9. Things Are Looking Very Lopsided

Employers have utilized a number of measures to counter organizing campaigns or negotiate a new agreement.  Maintaining existing terms and conditions of employment pending a new agreement becomes a requirement under the PRO Act.  Preventing the use of your email servers for organizing activities also becomes an unfair labor practice if the PRO Act becomes law. 
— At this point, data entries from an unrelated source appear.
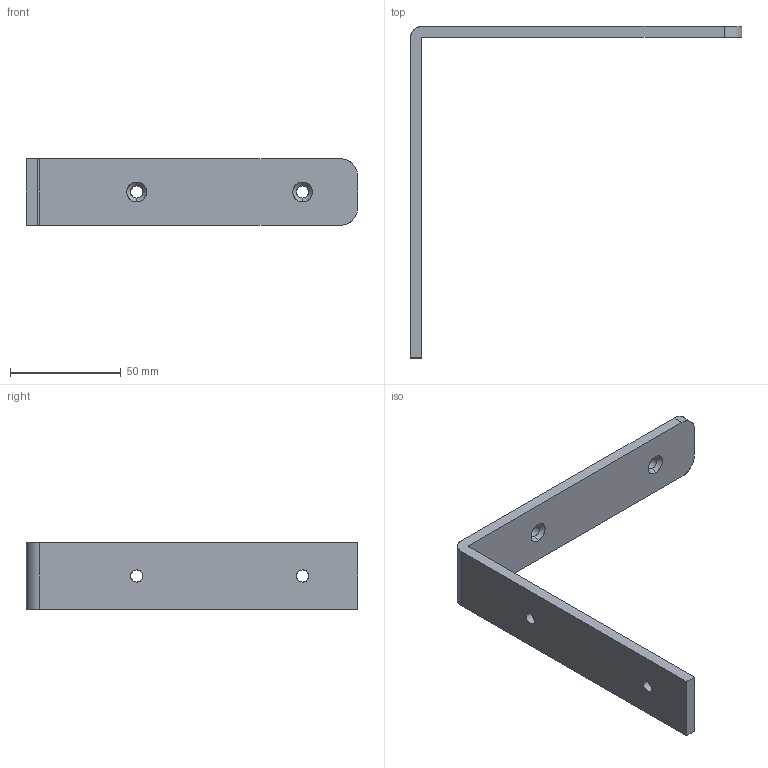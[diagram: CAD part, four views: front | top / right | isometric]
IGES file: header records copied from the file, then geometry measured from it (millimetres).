
Start section: SolidWorks IGES file using analytic representation for surfaces
Bounding box: 150 x 150 x 30 mm (x, y, z)
Surface area: 20856.2 mm2 (no closed solid volume)
Topology: 0 solids, 0 shells, 28 faces, 444 edges, 444 vertices
Faces by surface type: revolution 20, bspline 8
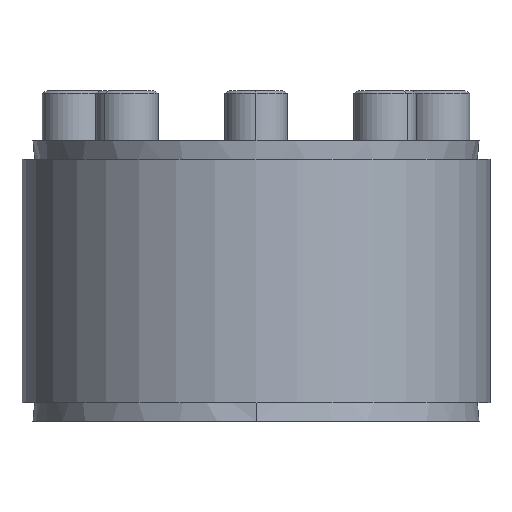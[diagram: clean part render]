
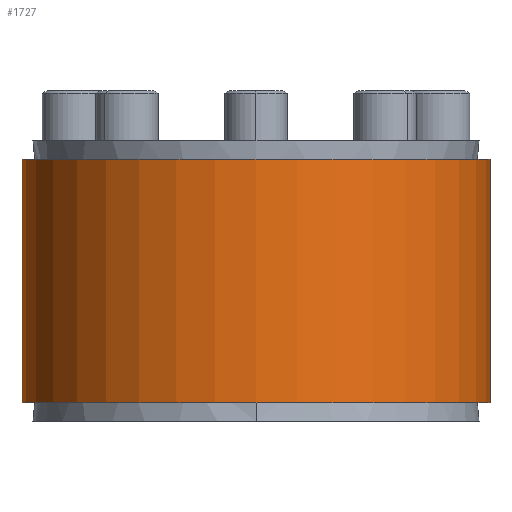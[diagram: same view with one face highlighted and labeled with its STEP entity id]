
A CAD part, front view. The second image highlights one B-rep face of the part: STEP entity #1727.
In plain terms, the highlighted cylindrical face has radius 375 mm (diameter 750 mm), a partial arc.
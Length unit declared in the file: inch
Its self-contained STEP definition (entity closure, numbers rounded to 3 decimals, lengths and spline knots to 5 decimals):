
#38 = ORIENTED_EDGE ( 'NONE', *, *, #3369, .T. ) ;
#65 = CYLINDRICAL_SURFACE ( 'NONE', #1775, 14.76378 ) ;
#87 = EDGE_CURVE ( 'NONE', #2887, #3092, #258, .T. ) ;
#258 = LINE ( 'NONE', #2413, #1260 ) ;
#341 = ORIENTED_EDGE ( 'NONE', *, *, #1498, .T. ) ;
#404 = CIRCLE ( 'NONE', #3417, 14.76378 ) ;
#415 = AXIS2_PLACEMENT_3D ( 'NONE', #2453, #2420, #795 ) ;
#526 = EDGE_CURVE ( 'NONE', #2268, #1656, #1427, .T. ) ;
#773 = DIRECTION ( 'NONE',  ( 0., 0., 1. ) ) ;
#795 = DIRECTION ( 'NONE',  ( 1., 0., 0. ) ) ;
#822 = DIRECTION ( 'NONE',  ( 0., 0., 1. ) ) ;
#872 = CIRCLE ( 'NONE', #415, 14.76378 ) ;
#1029 = CARTESIAN_POINT ( 'NONE',  ( 14.76378, 35.43307, -16.53543 ) ) ;
#1077 = CARTESIAN_POINT ( 'NONE',  ( 44.29134, 35.43307, -1.1811 ) ) ;
#1143 = CARTESIAN_POINT ( 'NONE',  ( 29.52756, 35.43307, -16.53543 ) ) ;
#1248 = ORIENTED_EDGE ( 'NONE', *, *, #526, .T. ) ;
#1260 = VECTOR ( 'NONE', #1891, 39.37008 ) ;
#1427 = LINE ( 'NONE', #3162, #1466 ) ;
#1466 = VECTOR ( 'NONE', #1545, 39.37008 ) ;
#1498 = EDGE_CURVE ( 'NONE', #2887, #2268, #404, .T. ) ;
#1545 = DIRECTION ( 'NONE',  ( 0., 0., 1. ) ) ;
#1656 = VERTEX_POINT ( 'NONE', #1077 ) ;
#1677 = CARTESIAN_POINT ( 'NONE',  ( 29.52756, 35.43307, -8.85827 ) ) ;
#1727 = ADVANCED_FACE ( 'NONE', ( #2742 ), #65, .T. ) ;
#1775 = AXIS2_PLACEMENT_3D ( 'NONE', #1677, #822, #3322 ) ;
#1851 = EDGE_LOOP ( 'NONE', ( #2970, #341, #1248, #38 ) ) ;
#1891 = DIRECTION ( 'NONE',  ( 0., 0., 1. ) ) ;
#2268 = VERTEX_POINT ( 'NONE', #3408 ) ;
#2413 = CARTESIAN_POINT ( 'NONE',  ( 14.76378, 35.43307, -8.85827 ) ) ;
#2420 = DIRECTION ( 'NONE',  ( 0., 0., -1. ) ) ;
#2453 = CARTESIAN_POINT ( 'NONE',  ( 29.52756, 35.43307, -1.1811 ) ) ;
#2742 = FACE_OUTER_BOUND ( 'NONE', #1851, .T. ) ;
#2766 = CARTESIAN_POINT ( 'NONE',  ( 14.76378, 35.43307, -1.1811 ) ) ;
#2887 = VERTEX_POINT ( 'NONE', #1029 ) ;
#2970 = ORIENTED_EDGE ( 'NONE', *, *, #87, .F. ) ;
#3092 = VERTEX_POINT ( 'NONE', #2766 ) ;
#3162 = CARTESIAN_POINT ( 'NONE',  ( 44.29134, 35.43307, -8.85827 ) ) ;
#3209 = DIRECTION ( 'NONE',  ( 1., 0., 0. ) ) ;
#3322 = DIRECTION ( 'NONE',  ( 1., 0., 0. ) ) ;
#3369 = EDGE_CURVE ( 'NONE', #1656, #3092, #872, .T. ) ;
#3408 = CARTESIAN_POINT ( 'NONE',  ( 44.29134, 35.43307, -16.53543 ) ) ;
#3417 = AXIS2_PLACEMENT_3D ( 'NONE', #1143, #773, #3209 ) ;
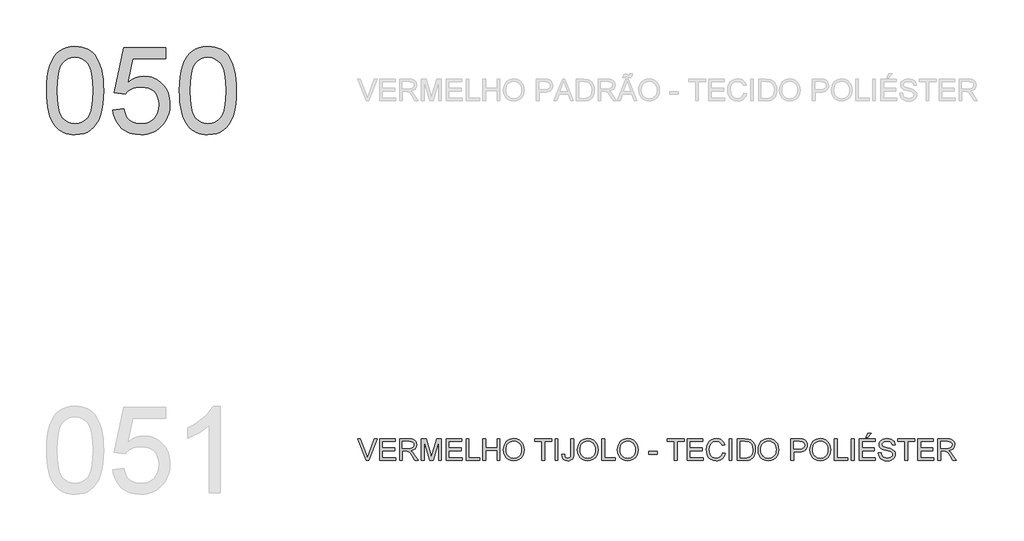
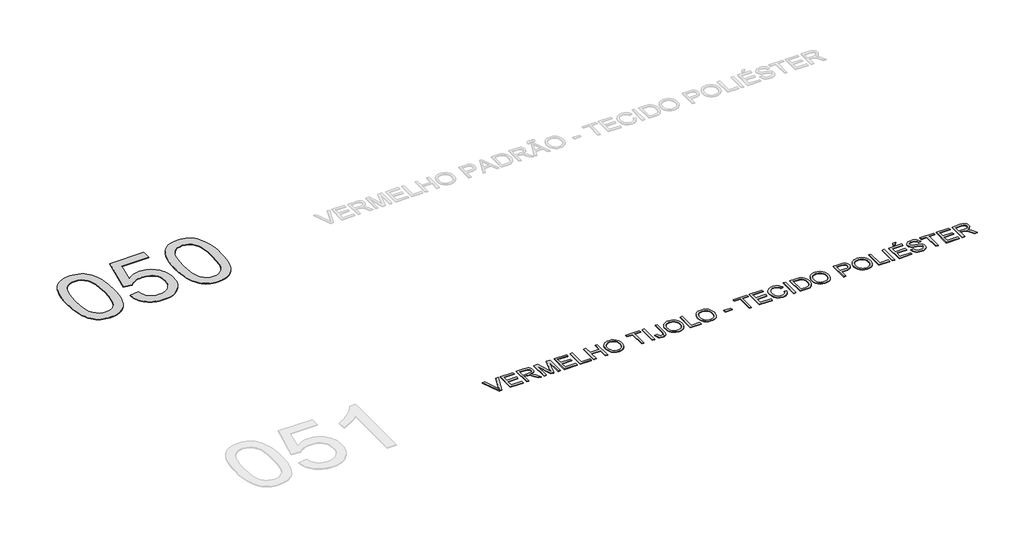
# One storey, part 24 of 39: 2 proxies.
"""IFC4 building model written with IfcOpenShell, lengths in millimetres."""

from ifc_helpers import new_model, si_unit, origin, origin_with_axes, place, context, project, spatial, polyline, outline, extrude, element, save

model = new_model("IFC4")

# Units and contexts
model_context = context("Model", 3, world=origin())
ifc_project = project(units=[si_unit("LENGTHUNIT", "METRE", prefix="MILLI")], contexts=[model_context])

# Site, building, storey
site = spatial("IfcSite", under=ifc_project)
building = spatial("IfcBuilding", under=site)
storey = spatial("IfcBuildingStorey", under=building, Name="Marelli - Linha PROFIT - Planta Baixa", Elevation=0.0)

# Proxies
placement = place(None, origin())
element("IfcBuildingElementProxy", 1, Name="1200mm Arial", ObjectType="1200mm Arial", at=placement, inside=storey, context=model_context, shape_type="SweptSolid", body=[
    extrude(outline(polyline([(-25228.2202746, -34387.5405438), (-25225.4519626, -34286.1798571), (-25217.1470265, -34194.5864374), (-25203.3054665, -34112.7602846), (-25183.9272824, -34040.7013988), (-25159.0952477, -33977.8211688), (-25128.8921359, -33923.5309833), (-25093.317947, -33877.8308425), (-25052.3726809, -33840.7207462), (-25005.918382, -33812.0075565), (-24953.8170944, -33791.4981353), (-24896.0688182, -33779.1924825), (-24832.6735534, -33775.0905983), (-24785.032835, -33777.5186194), (-24739.8201378, -33784.8026829), (-24697.0354618, -33796.9427888), (-24656.6788069, -33813.938937), (-24619.7250605, -33835.5060189), (-24587.1491098, -33861.3589261), (-24558.9509549, -33891.4976586), (-24535.1305957, -33925.9222163), (-24514.4924157, -33964.4946435), (-24495.8407986, -34007.0769844), (-24464.4972526, -34104.2714076), (-24452.5226937, -34161.4310726), (-24443.9694373, -34227.6958169), (-24438.8374834, -34303.0656407), (-24437.1268322, -34387.5405438), (-24439.867553, -34488.2574371), (-24448.0897156, -34579.3910043), (-24461.7933199, -34660.9412456), (-24480.978366, -34732.9081609), (-24505.6172626, -34795.8159821), (-24535.6824187, -34850.188941), (-24571.1738342, -34896.0270376), (-24612.0915091, -34933.3302719), (-24658.6009903, -34962.2365997), (-24710.8678248, -34982.8839766), (-24768.8920125, -34995.2724028), (-24832.6735534, -34999.4018782), (-24875.3478648, -34997.6084535), (-24915.6677315, -34992.2281793), (-24953.6331534, -34983.2610557), (-24989.2441305, -34970.7070826), (-25022.5006629, -34954.5662601), (-25053.4027505, -34934.8385881), (-25081.9503933, -34911.5240666), (-25108.1435914, -34884.6226957), (-25136.286564, -34842.0265592), (-25160.6771403, -34793.8478134), (-25181.3153202, -34740.0864583), (-25198.2011038, -34680.742494), (-25211.334491, -34615.8159204), (-25220.7154819, -34545.3067375), (-25226.3440764, -34469.2149453), (-25228.2202746, -34387.5405438)]), holes=[polyline([(-25077.5358094, -34387.2462382), (-25073.1212254, -34518.2398197), (-25059.8774736, -34624.2726077), (-25049.9446597, -34667.9287043), (-25037.8045539, -34705.3446024), (-25023.4571561, -34736.5203023), (-25006.9024663, -34761.4558037), (-24969.5256556, -34799.6327578), (-24928.0285665, -34826.9020107), (-24882.4111991, -34843.2635624), (-24832.6735534, -34848.717413), (-24782.9359076, -34843.2451683), (-24737.3185402, -34826.8284343), (-24695.8214512, -34799.4672109), (-24658.4446405, -34761.1614981), (-24641.8899507, -34736.1662158), (-24627.5425529, -34704.9583263), (-24615.402447, -34667.5378296), (-24605.4696332, -34623.9047257), (-24592.2258813, -34518.0006964), (-24587.8112974, -34387.2462382), (-24592.0787285, -34259.7199446), (-24604.881022, -34155.5541577), (-24614.482742, -34112.2314542), (-24626.2181777, -34074.7488774), (-24640.0873289, -34043.1064273), (-24656.0901957, -34017.3041039), (-24692.841607, -33977.2601487), (-24734.8169427, -33948.6573236), (-24782.0162026, -33931.4956285), (-24834.4393869, -33925.7750635), (-24883.9195153, -33930.8150468), (-24928.7643305, -33945.9349968), (-24968.9738326, -33971.1349135), (-25004.5480215, -34006.4147968), (-25021.6545343, -34034.9624397), (-25036.4801787, -34068.954736), (-25049.0249547, -34108.3916859), (-25059.2888624, -34153.2732893), (-25072.9740726, -34259.3704567), (-25077.5358094, -34387.2462382)])]), origin_with_axes(), (0.0, 0.0, 1.0), 10.0),
    extrude(outline(polyline([(-24305.2779251, -34660.3618315), (-24154.5934599, -34641.5262733), (-24143.3362708, -34689.967135), (-24126.9287338, -34731.9884559), (-24105.3708489, -34767.590236), (-24078.6626161, -34796.7724753), (-24046.8592176, -34819.4983855), (-24010.0158358, -34835.7311786), (-23968.1324706, -34845.4708544), (-23921.2091221, -34848.717413), (-23863.8195309, -34844.2016615), (-23813.1989683, -34830.654407), (-23769.3474345, -34808.0756496), (-23732.2649294, -34776.4653891), (-23702.7791875, -34737.3871242), (-23681.7179433, -34692.4043532), (-23669.0811967, -34641.5170763), (-23664.8689479, -34584.7252933), (-23668.8144823, -34531.0513102), (-23680.6510855, -34483.3370154), (-23700.3787575, -34441.5824089), (-23727.9974983, -34405.7874908), (-23763.5992783, -34377.0743011), (-23807.2760682, -34356.5648798), (-23859.0278679, -34344.2592271), (-23918.8546774, -34340.1573429), (-23957.141996, -34341.7944177), (-23991.9528298, -34346.7056424), (-24023.2871787, -34354.8910168), (-24051.1450428, -34366.3505409), (-24098.4178792, -34396.4432881), (-24135.7579017, -34434.3351336), (-24286.4423669, -34415.4995755), (-24154.5934599, -33793.9261564), (-23570.6911571, -33793.9261564), (-23570.6911571, -33944.6106217), (-24032.7509431, -33944.6106217), (-24097.2038686, -34276.5873341), (-24044.0265262, -34238.4747594), (-23989.5615968, -34211.2514918), (-23933.8090805, -34194.9175312), (-23876.7689771, -34189.4728776), (-23839.3300863, -34191.1605363), (-23803.3857161, -34196.2235123), (-23768.9358665, -34204.6618055), (-23735.9805376, -34216.4754161), (-23704.5197292, -34231.664344), (-23674.5534414, -34250.2285891), (-23646.0816742, -34272.1681516), (-23619.1044277, -34297.4830314), (-23594.5138156, -34325.4512601), (-23573.2019517, -34355.3508693), (-23555.1688362, -34387.1818589), (-23540.4144689, -34420.944229), (-23528.9388499, -34456.6379796), (-23520.7419792, -34494.2631106), (-23515.8238568, -34533.8196222), (-23514.1844827, -34575.3075142), (-23520.0889887, -34653.3720736), (-23527.4696212, -34690.3626082), (-23537.8025067, -34725.9919794), (-23551.0876453, -34760.2601873), (-23567.3250369, -34793.1672317), (-23586.5146814, -34824.7131128), (-23608.656579, -34854.8978305), (-23638.6573557, -34888.7659667), (-23671.2700946, -34918.1183514), (-23706.4947956, -34942.9549846), (-23744.3314588, -34963.2758663), (-23784.7800842, -34979.0809965), (-23827.8406717, -34990.3703752), (-23873.5132214, -34997.1440025), (-23921.7977333, -34999.4018782), (-23999.55879, -34993.5985397), (-24035.6181234, -34986.3443667), (-24069.79666, -34976.1885243), (-24102.0943999, -34963.1310128), (-24132.5113431, -34947.171832), (-24161.0474896, -34928.3109819), (-24187.7028394, -34906.5484626), (-24212.0405327, -34882.3901119), (-24233.6237095, -34856.3417673), (-24252.4523698, -34828.4034291), (-24268.5265138, -34798.5750971), (-24281.8461413, -34766.8567713), (-24292.4112523, -34733.2484518), (-24305.2779251, -34660.3618315)])), origin_with_axes(), (0.0, 0.0, 1.0), 10.0),
    extrude(outline(polyline([(-23382.3355756, -34387.5405438), (-23379.5672636, -34286.1798571), (-23371.2623275, -34194.5864374), (-23357.4207675, -34112.7602846), (-23338.0425834, -34040.7013988), (-23313.2105487, -33977.8211688), (-23283.0074369, -33923.5309833), (-23247.433248, -33877.8308425), (-23206.4879819, -33840.7207462), (-23160.033683, -33812.0075565), (-23107.9323954, -33791.4981353), (-23050.1841192, -33779.1924825), (-22986.7888544, -33775.0905983), (-22939.148136, -33777.5186194), (-22893.9354388, -33784.8026829), (-22851.1507628, -33796.9427888), (-22810.7941079, -33813.938937), (-22773.8403615, -33835.5060189), (-22741.2644108, -33861.3589261), (-22713.0662559, -33891.4976586), (-22689.2458967, -33925.9222163), (-22668.6077167, -33964.4946435), (-22649.9560996, -34007.0769844), (-22618.6125536, -34104.2714076), (-22606.6379947, -34161.4310726), (-22598.0847383, -34227.6958169), (-22592.9527844, -34303.0656407), (-22591.2421332, -34387.5405438), (-22593.982854, -34488.2574371), (-22602.2050166, -34579.3910043), (-22615.9086209, -34660.9412456), (-22635.093667, -34732.9081609), (-22659.7325636, -34795.8159821), (-22689.7977197, -34850.188941), (-22725.2891352, -34896.0270376), (-22766.2068101, -34933.3302719), (-22812.7162913, -34962.2365997), (-22864.9831258, -34982.8839766), (-22923.0073135, -34995.2724028), (-22986.7888544, -34999.4018782), (-23029.4631658, -34997.6084535), (-23069.7830325, -34992.2281793), (-23107.7484544, -34983.2610557), (-23143.3594315, -34970.7070826), (-23176.6159639, -34954.5662601), (-23207.5180515, -34934.8385881), (-23236.0656943, -34911.5240666), (-23262.2588924, -34884.6226957), (-23290.401865, -34842.0265592), (-23314.7924413, -34793.8478134), (-23335.4306212, -34740.0864583), (-23352.3164048, -34680.742494), (-23365.449792, -34615.8159204), (-23374.8307829, -34545.3067375), (-23380.4593774, -34469.2149453), (-23382.3355756, -34387.5405438)]), holes=[polyline([(-23231.6511104, -34387.2462382), (-23227.2365264, -34518.2398197), (-23213.9927746, -34624.2726077), (-23204.0599607, -34667.9287043), (-23191.9198549, -34705.3446024), (-23177.5724571, -34736.5203023), (-23161.0177673, -34761.4558037), (-23123.6409566, -34799.6327578), (-23082.1438675, -34826.9020107), (-23036.5265001, -34843.2635624), (-22986.7888544, -34848.717413), (-22937.0512086, -34843.2451683), (-22891.4338412, -34826.8284343), (-22849.9367522, -34799.4672109), (-22812.5599415, -34761.1614981), (-22796.0052517, -34736.1662158), (-22781.6578539, -34704.9583263), (-22769.517748, -34667.5378296), (-22759.5849342, -34623.9047257), (-22746.3411823, -34518.0006964), (-22741.9265984, -34387.2462382), (-22746.1940295, -34259.7199446), (-22758.996323, -34155.5541577), (-22768.598043, -34112.2314542), (-22780.3334787, -34074.7488774), (-22794.2026299, -34043.1064273), (-22810.2054967, -34017.3041039), (-22846.956908, -33977.2601487), (-22888.9322437, -33948.6573236), (-22936.1315036, -33931.4956285), (-22988.554688, -33925.7750635), (-23038.0348163, -33930.8150468), (-23082.8796315, -33945.9349968), (-23123.0891336, -33971.1349135), (-23158.6633225, -34006.4147968), (-23175.7698353, -34034.9624397), (-23190.5954797, -34068.954736), (-23203.1402557, -34108.3916859), (-23213.4041634, -34153.2732893), (-23227.0893736, -34259.3704567), (-23231.6511104, -34387.2462382)])]), origin_with_axes(), (0.0, 0.0, 1.0), 10.0),
])
element("IfcBuildingElementProxy", 2, Name="300mm Arial", ObjectType="300mm Arial", at=placement, inside=storey, context=model_context, shape_type="SweptSolid", body=[
    extrude(outline(polyline([(-20789.4399329, -39530.5663201), (-20909.3694633, -39229.1973896), (-20869.0495966, -39229.1973896), (-20788.7777453, -39446.3213432), (-20772.5173611, -39495.2496485), (-20756.4777061, -39446.3213432), (-20675.9851255, -39229.1973896), (-20635.6652589, -39229.1973896), (-20750.5180178, -39530.5663201), (-20789.4399329, -39530.5663201)])), origin_with_axes(), (0.0, 0.0, 1.0), 10.0),
    extrude(outline(polyline([(-20600.6428929, -39530.5663201), (-20600.6428929, -39229.1973896), (-20384.0339742, -39229.1973896), (-20384.0339742, -39266.8685059), (-20562.9717766, -39266.8685059), (-20562.9717766, -39356.3374072), (-20393.4517532, -39356.3374072), (-20393.4517532, -39394.0085235), (-20562.9717766, -39394.0085235), (-20562.9717766, -39492.8952038), (-20379.3250846, -39492.8952038), (-20379.3250846, -39530.5663201), (-20600.6428929, -39530.5663201)])), origin_with_axes(), (0.0, 0.0, 1.0), 10.0),
    extrude(outline(polyline([(-20322.8184102, -39530.5663201), (-20322.8184102, -39229.1973896), (-20192.9560659, -39229.1973896), (-20158.0532616, -39231.2299376), (-20132.6602069, -39237.3275817), (-20114.1005602, -39248.5847708), (-20099.6979801, -39266.0959537), (-20090.454945, -39287.8101885), (-20087.3739333, -39311.6765329), (-20092.4782959, -39341.3646099), (-20107.791384, -39365.9759154), (-20119.3911631, -39376.0052983), (-20133.7730499, -39384.0205273), (-20170.8831462, -39394.0085235), (-20149.472414, -39410.1217548), (-20118.9382084, -39448.8965171), (-20068.6855279, -39530.5663201), (-20112.4634853, -39530.5663201), (-20151.679706, -39468.0999573), (-20180.0066196, -39426.750021), (-20199.9090356, -39407.2154871), (-20217.8248887, -39400.0417882), (-20239.6770793, -39398.717413), (-20285.1472939, -39398.717413), (-20285.1472939, -39530.5663201), (-20322.8184102, -39530.5663201)]), holes=[polyline([(-20285.1472939, -39361.0462967), (-20200.8287406, -39361.0462967), (-20176.6129082, -39359.7127245), (-20157.8233353, -39355.7120078), (-20143.6782726, -39348.7774322), (-20133.3959709, -39338.6422832), (-20127.1327799, -39326.3826157), (-20125.0450496, -39313.0744845), (-20129.0273722, -39294.6987789), (-20140.97434, -39279.8915286), (-20161.5297464, -39270.1242616), (-20191.3373851, -39266.8685059), (-20285.1472939, -39266.8685059), (-20285.1472939, -39361.0462967)])]), origin_with_axes(), (0.0, 0.0, 1.0), 10.0),
    extrude(outline(polyline([(-20021.4494797, -39530.5663201), (-20021.4494797, -39229.1973896), (-19956.6286722, -39229.1973896), (-19894.9716498, -39441.6124536), (-19882.5372383, -39485.9790223), (-19869.0727573, -39437.9336337), (-19808.4458045, -39229.1973896), (-19743.624997, -39229.1973896), (-19743.624997, -39530.5663201), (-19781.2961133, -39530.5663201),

In the midst of spending battles in Washington, the pandemic, immigration issues, and foreign policy challenges, the PRO Act is not sleeping quietly.  It sits in the Senate’s Committee on Health, Education, Labor & Pensions and will eventually come to a Senate vote in one form or another.  The AFL-CIO website states, “Our nation’s labor laws are woefully outdated and have become ineffective as a means for working people to have our voices heard.” Labor is marketing this piece of legislation aggressively with media ads across all platforms promoting it to build back from the pandemic.  “Woefully outdated” or “antiquated”, terms meaning the same but used by both sides of the labor coin.  Have you evaluated the potential impact to your organization if any of these nine scenarios were to happen?  And most importantly, how are you leading and taking care of your people so that external representation isn’t a consideration or is no longer needed?  Time to evaluate and act; waiting comes at an enormous cost.